==== Raw data

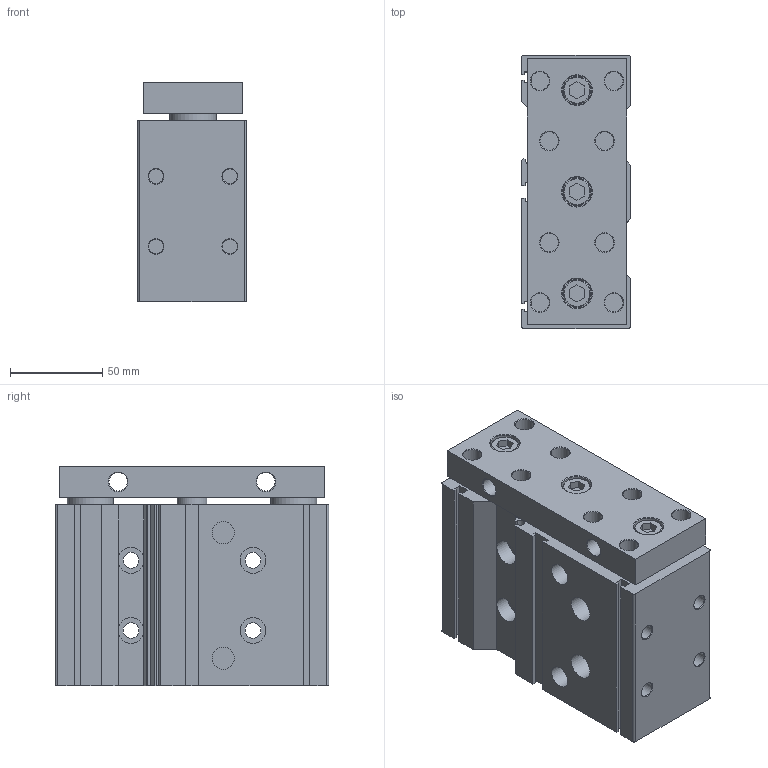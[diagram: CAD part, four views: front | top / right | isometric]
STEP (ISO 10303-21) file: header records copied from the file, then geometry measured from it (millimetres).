
FILE_DESCRIPTION((''),'2;1');
FILE_NAME('I:\3D電子目錄\氣缸\TB(U)\TB(U)50\TB50(U)\TB(U)50x75.stp','2007-08-06T09:22:33',('Administrator'),(''),'Autodesk Inventor 2008','Autodesk Inventor 2008','');
FILE_SCHEMA(('AUTOMOTIVE_DESIGN { 1 0 10303 214 1 1 1 1 }'));
Length unit declared in the file: millimetre
Products named in the file (1): TB(U)50X75
Bounding box: 59 x 148 x 119 mm (x, y, z)
Volume: 861188 mm3; surface area: 105781.1 mm2
Topology: 1 solids, 1 shells, 206 faces, 460 edges, 292 vertices
Faces by surface type: plane 106, cylinder 52, cone 37, bspline 8, torus 3
Full cylindrical faces by diameter (mm): 8 x4, 8.5 x4, 10 x18, 12 x2, 14 x4, 15 x3, 16 x4, 20 x2, 25 x2, 32 x2, 52 x1
Entity records: 5360 total; most frequent: CARTESIAN_POINT 945, DIRECTION 920, ORIENTED_EDGE 736, EDGE_CURVE 368, EDGE_LOOP 364, AXIS2_PLACEMENT_3D 353, VERTEX_POINT 290, VECTOR 214

========

When you retype the listing, keep every line exactly as it is and drop the pictures.

[diagram: CAD part, four views: front | top / right | isometric]
STEP (ISO 10303-21) file: header records copied from the file, then geometry measured from it (millimetres).
FILE_DESCRIPTION((''),'2;1');
FILE_NAME('I:\3D電子目錄\氣缸\TB(U)\TB(U)50\TB50(U)\TB(U)50x75.stp','2007-08-06T09:22:33',('Administrator'),(''),'Autodesk Inventor 2008','Autodesk Inventor 2008','');
FILE_SCHEMA(('AUTOMOTIVE_DESIGN { 1 0 10303 214 1 1 1 1 }'));
Length unit declared in the file: millimetre
Products named in the file (1): TB(U)50X75
Bounding box: 59 x 148 x 119 mm (x, y, z)
Volume: 861188 mm3; surface area: 105781.1 mm2
Topology: 1 solids, 1 shells, 206 faces, 460 edges, 292 vertices
Faces by surface type: plane 106, cylinder 52, cone 37, bspline 8, torus 3
Full cylindrical faces by diameter (mm): 8 x4, 8.5 x4, 10 x18, 12 x2, 14 x4, 15 x3, 16 x4, 20 x2, 25 x2, 32 x2, 52 x1
Entity records: 5360 total; most frequent: CARTESIAN_POINT 945, DIRECTION 920, ORIENTED_EDGE 736, EDGE_CURVE 368, EDGE_LOOP 364, AXIS2_PLACEMENT_3D 353, VERTEX_POINT 290, VECTOR 214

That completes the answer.